Homeowners will have mortgage papers, insurance policies, and perhaps appraisals, loan information or deeds. When it comes to the contents of your home, proof of ownership may also be important for insurance purposes. Such proof can include photographs or videos of personal possessions; remember, digital cameras and camcorders make it possible to quickly and easily create a complete home inventory record.
Credit Card Information
Duplicate credit cards, or at least photocopies of the front and back of each of your credit cards, will come in handy should you need to access or replace all of the plastic once tucked into your wallet. Include contact numbers for each of your creditors if the numbers aren't already on the cards. PINs and passwords will also be of value.
The titles, warranty papers and maintenance records for any vehicle you own will enable you to provide proof of ownership and will be very useful if you decide to sell the vehicle. While cars and trucks obviously fall into the vehicle category, don't overlook campers, boats, personal watercraft, snowmobiles, trailers and anything else that moves and costs money to replace.
Other Important Papers
While everyone's personal situation will be slightly different, additional documents that may be important in a disaster recovery situation include disability and other medical records, proof of military service, child custody agreements, prenuptial agreements, diplomas and educational transcripts, death certificates and wills.
Where to Store It
Once you have gathered the necessary paperwork, you need to develop a system to organize and store it. Should you ever need to access this information, you'll want to be able to find exactly what you need as quickly as possible and with a minimal amount of effort. Start by getting a three-ring binder or portable file folder. Use color-coded tabs to create individual sections for each item. Store documents in plastic covers: not only will they provide some protection, but they will also stop you from accidentally discarding original documents.

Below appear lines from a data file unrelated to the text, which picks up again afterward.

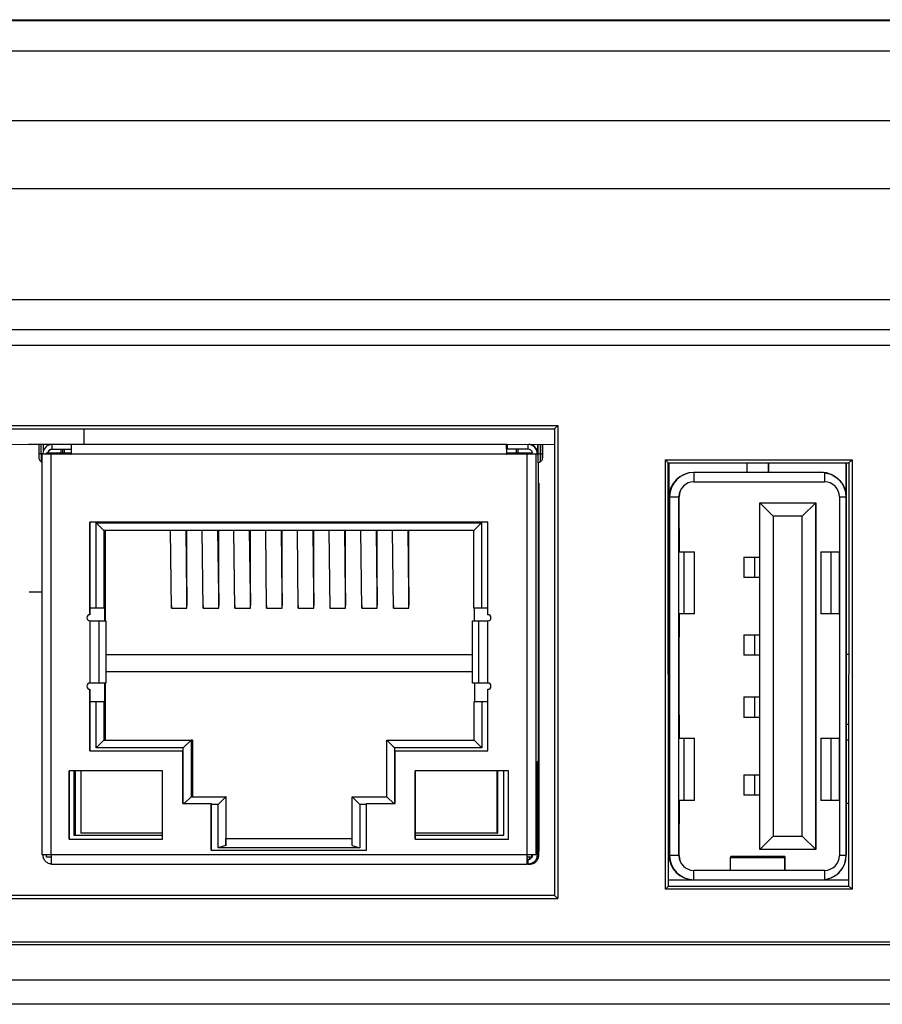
# Model space of a CAD drawing. Header units: millimetres. Extents: x -1063 to 345, y 512 to 8005.
# Tile 390 of 397: x -833 to -805, y 7840 to 7871. Entities that reach past the tile are written whole.
import ezdxf

# ---------------------------------------------------------------- set-up
doc = ezdxf.new("R2010")
doc.units = ezdxf.units.MM
doc.header["$LTSCALE"] = 5

msp = doc.modelspace()

# ---------------------------------------------------------------- linework, layer by layer
at = {"color": 7, "linetype": 'Continuous', "lineweight": 25}
for p, q in [((-657.703, 7871.451), (-897.703, 7871.451)), ((-897.651, 7871.491), (-658.151, 7871.491)), ((-897.704, 7870.485), (-657.704, 7870.485)), ((-897.704, 7868.251), (-657.704, 7868.251)), ((-657.704, 7866.051), (-897.704, 7866.051)), ((-852.42, 7862.489), (-703.003, 7862.489)), ((-852.419, 7861.524), (-703.002, 7861.524)), ((-851.724, 7861.024), (-703.678, 7861.024)), ((-849.583, 7858.434), (-815.374, 7858.434)), ((-849.484, 7858.336), (-815.472, 7858.336)), ((-815.472, 7858.336), (-815.479, 7843.324)), ((-815.374, 7858.434), (-815.472, 7858.336)), ((-815.374, 7858.434), (-815.374, 7843.224)), ((-815.473, 7857.822), (-848.124, 7857.83)), ((-831.019, 7857.83), (-832.394, 7857.83)), ((-832.061, 7857.83), (-832.061, 7857.53)), ((-831.913, 7857.681), (-831.913, 7857.83)), ((-831.763, 7857.83), (-831.763, 7857.801)), ((-831.762, 7857.83), (-831.762, 7857.802)), ((-831.757, 7857.804), (-831.757, 7857.83)), ((-817.02, 7857.83), (-831.019, 7857.83)), ((-817.02, 7857.68), (-817.02, 7857.83)), ((-817.013, 7857.83), (-817.02, 7857.83)), ((-817.004, 7857.83), (-817.004, 7857.68)), ((-816.163, 7857.784), (-816.163, 7857.83)), ((-816.013, 7857.681), (-816.013, 7857.83)), ((-816.012, 7857.83), (-816.012, 7857.53)), ((-815.86, 7857.53), (-815.86, 7857.83)), ((-831.969, 7857.53), (-831.969, 7844.63)), ((-831.969, 7857.53), (-831.671, 7857.53)), ((-831.819, 7857.53), (-831.819, 7857.56)), ((-831.819, 7857.56), (-831.021, 7857.56)), ((-831.757, 7857.56), (-831.757, 7857.568)), ((-831.671, 7844.63), (-831.671, 7857.53)), ((-831.671, 7857.53), (-831.031, 7857.53)), ((-831.632, 7857.681), (-831.021, 7857.681)), ((-831.354, 7857.681), (-831.354, 7857.56)), ((-831.353, 7857.681), (-831.353, 7857.56)), ((-831.289, 7857.56), (-831.289, 7857.681)), ((-831.246, 7857.681), (-831.246, 7857.56)), ((-831.031, 7857.53), (-831.031, 7857.52)), ((-831.03, 7857.53), (-831.031, 7857.53)), ((-831.031, 7857.52), (-831.021, 7857.52)), ((-831.03, 7857.52), (-831.03, 7857.53)), ((-831.021, 7857.52), (-831.021, 7857.53)), ((-831.021, 7857.53), (-817.021, 7857.53)), ((-817.021, 7857.53), (-817.021, 7857.52)), ((-817.02, 7857.53), (-817.021, 7857.53)), ((-817.021, 7857.52), (-817.011, 7857.52)), ((-817.02, 7857.68), (-817.004, 7857.68)), ((-817.02, 7857.56), (-816.22, 7857.56)), ((-817.02, 7857.52), (-817.02, 7857.53)), ((-817.011, 7857.52), (-817.011, 7857.53)), ((-817.011, 7857.53), (-816.371, 7857.53)), ((-816.332, 7857.681), (-817.004, 7857.681)), ((-816.706, 7857.681), (-816.706, 7857.56)), ((-816.659, 7857.681), (-816.659, 7857.56)), ((-816.371, 7857.53), (-816.371, 7844.63)), ((-816.371, 7857.53), (-816.07, 7857.53)), ((-816.22, 7857.56), (-816.22, 7857.53)), ((-816.182, 7857.56), (-816.22, 7857.56)), ((-816.07, 7844.63), (-816.07, 7857.53)), ((-816.07, 7857.53), (-816.032, 7857.53)), ((-816.032, 7857.531), (-816.015, 7857.531)), ((-815.937, 7857.53), (-816.012, 7857.53)), ((-815.937, 7857.53), (-815.861, 7857.53)), ((-831.985, 7857.273), (-831.969, 7857.264)), ((-816.011, 7857.23), (-815.936, 7857.273)), ((-815.936, 7857.273), (-816.011, 7857.23)), ((-816.003, 7857.235), (-816.003, 7856.18)), ((-815.992, 7856.58), (-816.003, 7856.58)), ((-815.992, 7847.586), (-815.992, 7856.58)), ((-815.992, 7856.58), (-815.98, 7856.58)), ((-815.98, 7844.736), (-815.98, 7856.58)), ((-815.98, 7856.58), (-815.98, 7844.736)), ((-815.999, 7856.18), (-816.003, 7856.18)), ((-815.999, 7856.18), (-815.999, 7847.63)), ((-817.621, 7855.33), (-830.421, 7855.33)), ((-830.421, 7855.33), (-830.421, 7852.355)), ((-830.42, 7852.355), (-830.42, 7855.33)), ((-830.219, 7855.31), (-817.82, 7855.31)), ((-830.219, 7852.56), (-830.219, 7855.31)), ((-829.968, 7855.06), (-830.219, 7855.31)), ((-818.068, 7855.06), (-817.82, 7855.31)), ((-817.82, 7855.31), (-817.82, 7852.56)), ((-817.621, 7852.355), (-817.621, 7855.33)), ((-815.984, 7855.43), (-815.988, 7855.43)), ((-815.988, 7855.43), (-815.988, 7854.28)), ((-815.984, 7854.28), (-815.984, 7855.43)), ((-818.068, 7855.06), (-829.968, 7855.06)), ((-829.968, 7855.06), (-829.968, 7852.56)), ((-829.928, 7855.06), (-829.928, 7852.56)), ((-827.797, 7852.56), (-827.827, 7855.06)), ((-827.327, 7855.06), (-827.298, 7852.654)), ((-827.298, 7853.027), (-827.323, 7855.06)), ((-827.298, 7852.56), (-827.298, 7855.06)), ((-826.777, 7852.56), (-826.807, 7855.06)), ((-826.307, 7855.06), (-826.278, 7852.654)), ((-826.278, 7853.027), (-826.303, 7855.06)), ((-826.278, 7852.56), (-826.278, 7855.06)), ((-825.757, 7852.56), (-825.787, 7855.06)), ((-825.287, 7855.06), (-825.258, 7852.654)), ((-825.258, 7853.027), (-825.283, 7855.06)), ((-825.258, 7852.56), (-825.258, 7855.06)), ((-824.737, 7852.56), (-824.767, 7855.06)), ((-824.267, 7855.06), (-824.238, 7852.654)), ((-824.238, 7853.027), (-824.263, 7855.06)), ((-824.238, 7852.56), (-824.238, 7855.06)), ((-823.717, 7852.56), (-823.747, 7855.06)), ((-823.247, 7855.06), (-823.218, 7852.654)), ((-823.218, 7853.027), (-823.243, 7855.06)), ((-823.218, 7852.56), (-823.218, 7855.06)), ((-822.697, 7852.56), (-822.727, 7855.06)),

The documentation you keep in your house should be stored in a safe but convenient place. A fireproof safe, locking filing cabinet or portable lockbox all provide suitable storage. If you live in a flood-prone area, be sure to use a watertight container. If you choose a portable storage container, make a habit of storing it in the same spot each time you access it. In the event of an emergency, you want to be able to go right to the container, grab it, and get out - without wasting valuable time searching for it. Few things will add more to your stress in a time of crisis than a fruitless search for important documents.
If you are tech-savvy, a computer and a scanner will allow you to store many of your important papers electronically. Your entire document library can be burned onto a CD or stored on a portable storage device - some of which are so small they can be attached to a keychain. Regardless of your storage medium, you are going to want two copies of your disaster recovery materials: one that you keep at home and one that you keep off-site. A safe deposit box at a bank, a locked cabinet at work and a trusted relative's residence are all common secondary storage sites.
Rebuilding your life in the wake of a disaster is a daunting task. However, advanced preparation can go a long way toward making recovery easier. If you don't have your documents in order, there's no time like the present to get started. Once you have everything in its proper place, remember to update it. If you lack the time or energy to keep your files updated on an ongoing basis, schedule a yearly checkup and use it as an opportunity to put the latest version of everything into your files. Even the most well-organized disaster recovery materials will be of no use to you if they are out-of-date.
EntrepreneurshipThere are a lot of risks associated with running a business, but there are an equal number of ways to prepare for and manage them.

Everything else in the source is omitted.